Rather lengthy hiatus, sorry about that. Moving to another country and day job requirements has throttled down my betting related activities to bare minimum. Now I hope that I have a little bit more time to invest in this project in the near future.
Let’s get started from where we left of at the end of previous post and start looking at the code I use to instruct FANN to learn. As FANN does most of the heavy lifting we only need to tell it what data to use and how to handle it.
# input_qty = number of input nodes
# output_qty = number of input nodes
# savefile = name of the file network is saved to
# neurons = how many neurons will be trained by cascade function
def train_cascade(input_qty, output_qty, savefile, neurons)
# Create the basis for the network, define number of inputs and outputs
net = RubyFann::Shortcut.new(:num_inputs=> input_qty, :num_outputs=> output_qty)
# As our inputs and outputs can have a value of -1 to 1 we can only use sigmoid_symmetric
# and that needs to be specified
# Search for pairs to be used for training
pairs = Pair.where(:race_id => Run.where(:dataset => "learning").where.not(:draw => nil).pluck(:race_id).uniq).where.not(:input => nil)
# I have saved precalculated inputs to the datase as one field, thus it needs splitting
# before they are usable
inputs = 
pairs.each do |pair|
inputs << pair.input.split(",").map(&:to_f)
# And same done to outputs. Output also needs to be an array, even if it is only one value
outputs = 
pairs.pluck(:output).each do |o|
outputs << Array.new(1,o)
# Once we have arrays of inputs and outputs we can combine them into form that FANN
# can understand
train = RubyFann::TrainData.new(:inputs => inputs, :desired_outputs => outputs)
# Finally it is time for some training. This will take a while, depending naturally
# on how much data one is using.
net.cascadetrain_on_data(train, neurons, 1, 0.05)
# After training it is important to remember to save the network into a file
# for further use
That is pretty simple isn’t it?
Obviously it does need a single line in some another file to actually call this function. Now we can proceed to training and finding out if there actually is something at the end of this exercise.

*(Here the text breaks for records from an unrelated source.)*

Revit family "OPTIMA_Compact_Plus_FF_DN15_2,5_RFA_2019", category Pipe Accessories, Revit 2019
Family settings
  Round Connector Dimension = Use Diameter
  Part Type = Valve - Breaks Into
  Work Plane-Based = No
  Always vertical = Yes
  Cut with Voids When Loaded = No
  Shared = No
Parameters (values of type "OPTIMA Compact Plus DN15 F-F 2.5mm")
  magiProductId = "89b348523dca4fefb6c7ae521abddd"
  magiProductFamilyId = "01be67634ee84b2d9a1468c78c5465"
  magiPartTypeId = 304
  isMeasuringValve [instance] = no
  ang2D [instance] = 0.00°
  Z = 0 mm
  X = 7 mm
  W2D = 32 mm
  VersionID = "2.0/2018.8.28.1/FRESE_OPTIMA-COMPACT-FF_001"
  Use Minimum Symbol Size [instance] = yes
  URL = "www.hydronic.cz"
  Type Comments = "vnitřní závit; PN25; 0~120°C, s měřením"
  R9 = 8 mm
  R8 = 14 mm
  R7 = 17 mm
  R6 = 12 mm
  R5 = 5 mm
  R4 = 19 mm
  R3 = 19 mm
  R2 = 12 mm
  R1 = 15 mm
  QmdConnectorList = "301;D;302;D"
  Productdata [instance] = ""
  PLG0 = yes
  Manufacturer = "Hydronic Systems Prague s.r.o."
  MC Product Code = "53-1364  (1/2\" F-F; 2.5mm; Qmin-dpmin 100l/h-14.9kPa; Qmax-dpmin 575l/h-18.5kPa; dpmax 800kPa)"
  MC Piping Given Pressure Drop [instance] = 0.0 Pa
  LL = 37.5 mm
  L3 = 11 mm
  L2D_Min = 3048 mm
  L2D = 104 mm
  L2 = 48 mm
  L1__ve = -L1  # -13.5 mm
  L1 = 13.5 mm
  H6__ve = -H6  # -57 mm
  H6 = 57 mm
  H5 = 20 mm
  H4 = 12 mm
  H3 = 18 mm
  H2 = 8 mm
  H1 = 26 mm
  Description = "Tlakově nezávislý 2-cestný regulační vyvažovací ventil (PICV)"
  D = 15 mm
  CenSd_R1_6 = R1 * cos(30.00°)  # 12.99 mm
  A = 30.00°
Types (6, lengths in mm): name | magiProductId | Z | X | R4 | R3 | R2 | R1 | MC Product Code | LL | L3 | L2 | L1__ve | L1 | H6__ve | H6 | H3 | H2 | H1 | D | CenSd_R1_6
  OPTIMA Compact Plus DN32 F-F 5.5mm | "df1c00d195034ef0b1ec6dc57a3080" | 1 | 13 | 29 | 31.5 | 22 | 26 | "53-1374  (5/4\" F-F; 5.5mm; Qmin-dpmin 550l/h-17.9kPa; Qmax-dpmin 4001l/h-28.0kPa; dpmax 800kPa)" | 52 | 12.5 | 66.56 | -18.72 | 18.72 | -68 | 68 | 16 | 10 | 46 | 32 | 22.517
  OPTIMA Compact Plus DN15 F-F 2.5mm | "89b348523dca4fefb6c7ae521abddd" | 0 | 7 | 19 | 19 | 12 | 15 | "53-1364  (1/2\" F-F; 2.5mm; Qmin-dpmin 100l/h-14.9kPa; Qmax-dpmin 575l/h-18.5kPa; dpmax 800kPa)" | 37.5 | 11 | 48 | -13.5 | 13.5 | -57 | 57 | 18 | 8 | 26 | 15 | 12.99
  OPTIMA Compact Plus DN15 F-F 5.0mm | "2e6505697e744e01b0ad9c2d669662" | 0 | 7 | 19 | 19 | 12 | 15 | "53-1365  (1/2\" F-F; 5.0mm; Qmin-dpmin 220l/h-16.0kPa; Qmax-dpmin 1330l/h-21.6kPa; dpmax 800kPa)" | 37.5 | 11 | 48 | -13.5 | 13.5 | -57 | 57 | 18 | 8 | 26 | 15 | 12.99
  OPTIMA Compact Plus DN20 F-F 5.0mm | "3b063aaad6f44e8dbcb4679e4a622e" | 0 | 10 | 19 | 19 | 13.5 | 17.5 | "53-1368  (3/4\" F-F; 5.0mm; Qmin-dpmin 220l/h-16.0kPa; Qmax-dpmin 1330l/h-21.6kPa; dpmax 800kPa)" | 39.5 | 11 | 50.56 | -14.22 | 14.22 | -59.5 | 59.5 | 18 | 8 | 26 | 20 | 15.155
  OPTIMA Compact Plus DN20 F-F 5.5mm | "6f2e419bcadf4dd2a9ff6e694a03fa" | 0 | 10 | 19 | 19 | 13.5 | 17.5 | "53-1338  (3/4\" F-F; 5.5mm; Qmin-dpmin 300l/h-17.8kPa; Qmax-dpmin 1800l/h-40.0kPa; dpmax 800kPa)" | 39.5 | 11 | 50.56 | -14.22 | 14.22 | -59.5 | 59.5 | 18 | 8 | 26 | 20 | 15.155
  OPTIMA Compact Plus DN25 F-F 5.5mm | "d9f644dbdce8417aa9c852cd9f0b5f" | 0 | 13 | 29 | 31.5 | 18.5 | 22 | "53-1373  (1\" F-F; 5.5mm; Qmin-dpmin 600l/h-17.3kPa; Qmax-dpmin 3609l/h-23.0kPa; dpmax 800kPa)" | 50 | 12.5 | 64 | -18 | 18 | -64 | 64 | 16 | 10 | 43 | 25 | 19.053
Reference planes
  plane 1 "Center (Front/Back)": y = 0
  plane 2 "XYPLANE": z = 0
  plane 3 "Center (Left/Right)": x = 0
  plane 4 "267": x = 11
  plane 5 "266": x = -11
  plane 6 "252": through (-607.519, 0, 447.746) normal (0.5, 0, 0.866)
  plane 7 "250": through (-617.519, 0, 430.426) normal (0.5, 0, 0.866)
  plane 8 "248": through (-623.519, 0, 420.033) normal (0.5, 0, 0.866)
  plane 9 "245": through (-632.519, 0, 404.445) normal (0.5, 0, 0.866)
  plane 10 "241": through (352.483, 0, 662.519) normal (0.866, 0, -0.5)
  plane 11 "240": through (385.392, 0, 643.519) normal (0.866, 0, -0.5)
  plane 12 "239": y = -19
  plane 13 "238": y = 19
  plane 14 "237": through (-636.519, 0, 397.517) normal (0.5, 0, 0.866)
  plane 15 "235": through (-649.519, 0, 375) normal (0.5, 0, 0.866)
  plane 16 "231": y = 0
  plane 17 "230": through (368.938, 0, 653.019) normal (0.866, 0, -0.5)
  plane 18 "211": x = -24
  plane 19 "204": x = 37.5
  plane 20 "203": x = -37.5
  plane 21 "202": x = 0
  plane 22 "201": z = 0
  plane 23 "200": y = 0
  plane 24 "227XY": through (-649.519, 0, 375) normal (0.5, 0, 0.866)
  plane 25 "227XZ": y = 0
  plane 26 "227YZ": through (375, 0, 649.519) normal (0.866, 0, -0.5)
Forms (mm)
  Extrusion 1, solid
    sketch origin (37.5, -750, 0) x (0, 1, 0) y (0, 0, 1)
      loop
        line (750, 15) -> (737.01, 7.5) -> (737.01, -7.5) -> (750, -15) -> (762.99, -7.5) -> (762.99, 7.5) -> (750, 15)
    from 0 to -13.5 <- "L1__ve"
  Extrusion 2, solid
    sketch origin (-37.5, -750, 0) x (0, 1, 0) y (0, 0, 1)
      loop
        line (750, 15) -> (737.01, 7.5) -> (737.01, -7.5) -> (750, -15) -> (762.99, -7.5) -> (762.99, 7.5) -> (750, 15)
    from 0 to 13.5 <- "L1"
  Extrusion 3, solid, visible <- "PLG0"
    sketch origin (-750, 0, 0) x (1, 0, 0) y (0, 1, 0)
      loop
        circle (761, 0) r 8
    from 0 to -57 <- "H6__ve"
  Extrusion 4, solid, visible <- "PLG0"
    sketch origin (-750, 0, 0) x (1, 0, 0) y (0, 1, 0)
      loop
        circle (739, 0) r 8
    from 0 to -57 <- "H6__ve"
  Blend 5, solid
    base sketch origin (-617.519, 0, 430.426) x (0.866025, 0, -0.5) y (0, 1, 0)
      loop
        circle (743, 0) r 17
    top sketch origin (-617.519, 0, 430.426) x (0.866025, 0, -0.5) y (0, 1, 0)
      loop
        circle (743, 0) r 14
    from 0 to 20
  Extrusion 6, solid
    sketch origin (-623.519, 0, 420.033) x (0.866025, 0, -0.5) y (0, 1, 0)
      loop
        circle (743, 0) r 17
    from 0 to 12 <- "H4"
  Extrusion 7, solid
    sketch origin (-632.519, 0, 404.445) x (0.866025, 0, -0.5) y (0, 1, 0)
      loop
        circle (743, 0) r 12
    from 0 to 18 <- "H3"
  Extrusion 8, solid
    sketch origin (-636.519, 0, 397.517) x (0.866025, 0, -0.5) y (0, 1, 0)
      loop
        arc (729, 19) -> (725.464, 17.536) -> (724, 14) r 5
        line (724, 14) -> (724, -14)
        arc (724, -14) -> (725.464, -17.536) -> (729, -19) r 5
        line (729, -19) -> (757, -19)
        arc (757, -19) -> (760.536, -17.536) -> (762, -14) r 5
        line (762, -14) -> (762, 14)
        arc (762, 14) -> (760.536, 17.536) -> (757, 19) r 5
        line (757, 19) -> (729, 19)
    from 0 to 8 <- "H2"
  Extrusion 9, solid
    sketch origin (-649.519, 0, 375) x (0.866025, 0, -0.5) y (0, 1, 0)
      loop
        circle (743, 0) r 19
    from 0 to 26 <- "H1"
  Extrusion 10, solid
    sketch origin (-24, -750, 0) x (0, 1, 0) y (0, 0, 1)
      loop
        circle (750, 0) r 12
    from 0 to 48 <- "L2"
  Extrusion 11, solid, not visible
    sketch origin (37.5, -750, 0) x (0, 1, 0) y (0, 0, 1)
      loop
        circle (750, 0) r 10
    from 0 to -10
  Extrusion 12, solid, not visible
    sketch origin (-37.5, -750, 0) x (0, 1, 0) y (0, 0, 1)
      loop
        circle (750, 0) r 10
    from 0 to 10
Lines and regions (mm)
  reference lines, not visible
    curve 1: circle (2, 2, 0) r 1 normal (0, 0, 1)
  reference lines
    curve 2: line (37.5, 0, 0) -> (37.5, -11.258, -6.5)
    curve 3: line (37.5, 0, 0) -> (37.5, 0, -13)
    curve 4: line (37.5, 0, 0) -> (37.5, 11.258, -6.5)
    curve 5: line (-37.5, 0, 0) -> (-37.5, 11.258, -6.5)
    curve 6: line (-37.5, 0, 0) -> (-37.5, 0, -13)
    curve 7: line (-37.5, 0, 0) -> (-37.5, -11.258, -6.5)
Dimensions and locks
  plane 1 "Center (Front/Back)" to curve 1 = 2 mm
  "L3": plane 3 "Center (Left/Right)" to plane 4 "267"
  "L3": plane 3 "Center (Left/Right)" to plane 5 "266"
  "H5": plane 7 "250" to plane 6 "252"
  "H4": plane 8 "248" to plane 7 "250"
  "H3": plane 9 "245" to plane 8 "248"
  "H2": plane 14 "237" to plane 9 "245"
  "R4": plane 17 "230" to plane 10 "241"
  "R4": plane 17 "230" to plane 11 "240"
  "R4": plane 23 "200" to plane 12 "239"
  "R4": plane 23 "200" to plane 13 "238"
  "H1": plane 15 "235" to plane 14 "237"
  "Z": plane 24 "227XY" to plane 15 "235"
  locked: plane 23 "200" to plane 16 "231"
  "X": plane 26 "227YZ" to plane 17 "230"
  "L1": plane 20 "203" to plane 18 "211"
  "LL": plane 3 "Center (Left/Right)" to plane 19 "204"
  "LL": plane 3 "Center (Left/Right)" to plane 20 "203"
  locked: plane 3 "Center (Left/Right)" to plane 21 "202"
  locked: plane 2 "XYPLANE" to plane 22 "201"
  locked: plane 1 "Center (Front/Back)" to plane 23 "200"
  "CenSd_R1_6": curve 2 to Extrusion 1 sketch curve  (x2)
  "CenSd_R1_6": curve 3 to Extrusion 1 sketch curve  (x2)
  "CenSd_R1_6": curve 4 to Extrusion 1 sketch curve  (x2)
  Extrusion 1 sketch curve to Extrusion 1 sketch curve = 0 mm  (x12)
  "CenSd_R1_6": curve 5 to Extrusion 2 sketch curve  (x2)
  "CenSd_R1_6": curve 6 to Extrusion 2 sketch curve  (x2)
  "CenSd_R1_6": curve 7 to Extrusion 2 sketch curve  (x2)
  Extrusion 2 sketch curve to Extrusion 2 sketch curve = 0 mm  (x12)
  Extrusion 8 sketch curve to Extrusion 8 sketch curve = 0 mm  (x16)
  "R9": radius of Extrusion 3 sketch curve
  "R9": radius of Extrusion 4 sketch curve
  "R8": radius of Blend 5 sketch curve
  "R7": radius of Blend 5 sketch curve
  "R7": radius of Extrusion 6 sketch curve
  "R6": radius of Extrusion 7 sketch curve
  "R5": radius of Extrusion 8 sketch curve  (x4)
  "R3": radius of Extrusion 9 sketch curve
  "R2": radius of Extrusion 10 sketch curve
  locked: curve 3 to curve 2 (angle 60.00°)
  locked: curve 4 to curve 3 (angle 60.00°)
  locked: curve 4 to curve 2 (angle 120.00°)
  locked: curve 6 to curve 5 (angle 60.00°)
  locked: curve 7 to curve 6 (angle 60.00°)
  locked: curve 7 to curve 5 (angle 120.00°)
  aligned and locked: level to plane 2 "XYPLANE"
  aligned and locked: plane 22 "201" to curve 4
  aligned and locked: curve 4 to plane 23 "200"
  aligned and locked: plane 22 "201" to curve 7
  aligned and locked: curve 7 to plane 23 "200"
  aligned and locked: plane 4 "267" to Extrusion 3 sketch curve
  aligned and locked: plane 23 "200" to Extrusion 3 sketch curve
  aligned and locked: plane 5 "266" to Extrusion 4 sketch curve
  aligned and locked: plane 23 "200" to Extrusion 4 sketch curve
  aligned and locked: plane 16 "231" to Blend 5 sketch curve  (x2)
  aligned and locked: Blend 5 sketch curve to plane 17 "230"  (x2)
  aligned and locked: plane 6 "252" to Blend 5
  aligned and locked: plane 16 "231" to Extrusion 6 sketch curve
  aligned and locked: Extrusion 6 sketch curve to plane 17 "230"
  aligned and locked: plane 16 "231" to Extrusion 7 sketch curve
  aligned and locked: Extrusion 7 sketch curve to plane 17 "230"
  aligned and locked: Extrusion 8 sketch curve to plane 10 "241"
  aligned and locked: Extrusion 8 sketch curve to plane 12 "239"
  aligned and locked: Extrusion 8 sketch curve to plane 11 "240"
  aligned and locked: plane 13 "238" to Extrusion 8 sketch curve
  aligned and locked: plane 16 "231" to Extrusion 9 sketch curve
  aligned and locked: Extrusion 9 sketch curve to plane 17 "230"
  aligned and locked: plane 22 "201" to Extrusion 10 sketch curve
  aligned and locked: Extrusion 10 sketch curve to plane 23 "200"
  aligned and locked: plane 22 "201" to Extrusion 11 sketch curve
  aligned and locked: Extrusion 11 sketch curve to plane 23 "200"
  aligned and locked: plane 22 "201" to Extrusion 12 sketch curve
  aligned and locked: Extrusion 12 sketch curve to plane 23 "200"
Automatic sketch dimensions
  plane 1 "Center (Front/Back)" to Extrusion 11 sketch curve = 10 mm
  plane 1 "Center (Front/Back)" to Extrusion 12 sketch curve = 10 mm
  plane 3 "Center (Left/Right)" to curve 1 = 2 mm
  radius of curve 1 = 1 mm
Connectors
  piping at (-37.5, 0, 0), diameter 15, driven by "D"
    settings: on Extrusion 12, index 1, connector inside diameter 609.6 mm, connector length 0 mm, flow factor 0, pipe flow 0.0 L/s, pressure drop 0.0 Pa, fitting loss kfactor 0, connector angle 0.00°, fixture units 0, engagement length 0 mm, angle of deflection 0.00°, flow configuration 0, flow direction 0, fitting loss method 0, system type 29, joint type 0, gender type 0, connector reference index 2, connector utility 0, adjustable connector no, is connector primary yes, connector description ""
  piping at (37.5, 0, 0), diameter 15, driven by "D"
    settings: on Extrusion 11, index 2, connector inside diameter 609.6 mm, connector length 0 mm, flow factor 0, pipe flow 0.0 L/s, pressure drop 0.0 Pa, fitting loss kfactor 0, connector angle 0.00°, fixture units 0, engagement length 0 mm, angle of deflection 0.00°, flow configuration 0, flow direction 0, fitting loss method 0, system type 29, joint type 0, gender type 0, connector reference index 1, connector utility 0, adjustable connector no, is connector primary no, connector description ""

Before we get to actually build the neural network I am going to go through the tools that I am planning to use during the project. This list is obviously subject to change but this is what I feel at this point that I will need to complete this.
I will need to do a fair bit of modifying of data and for that I am using Ruby. Naturally one can use any programming language they wish but I am most familiar with Ruby and I like how readable and natural language like the scripts are. When it is relevant I am going to post the code or at least snippets of it in the blog as well. If you are new to Ruby it might be worthwhile to look at this quick start at Ruby official site or this pretty throughout tutorial at Tutorials Point. in the end though, what is needed is pretty simple and beginner level stuff, some calculations and loops mostly.
One could build the Neural Network software from ground up, but I am going to rely on existing library for this purpose. Earlier I have been using AI4R but as I mentioned in my post telling about new version of Raiform I have moved on to FANN or Fast Artificial Neural Network. It seems to be doing a bit better job even with same kind of network topology but what I especially like is feature called Cascade2. It dynamically builds and trains the topology and that is what I used to build the network for Raiform 2.0.
Neural networks are a pretty advanced topic and while it does help if you understand how they work it is till possible to utilize them even if most of the underlying math is left untouched. FANN has Ruby bindings (In addition to several other languages) and I am using Ruby gem called ruby-fann to take advantage of it. FANN has several graphical interfaces as well but I find it a lot easier to work in command line (Command line in windows is pain to work with so be warned or use a proper OS like Linux 🙂 ). If you wish to get a primer about Neural networks you could read for example this.
Last big building block is data. I am going to use data starting from beginning of 2012 and all of my data is originated from Racing Dossier. I have the data in a database so it is easy for me to fetch data with required filters as needed. Actual ratings that I am planning to use I will cover later on. I haven’t decided yet, but it might make sense to build a working database to handle the training and testing data. In the past I have just used csv files for this purpose.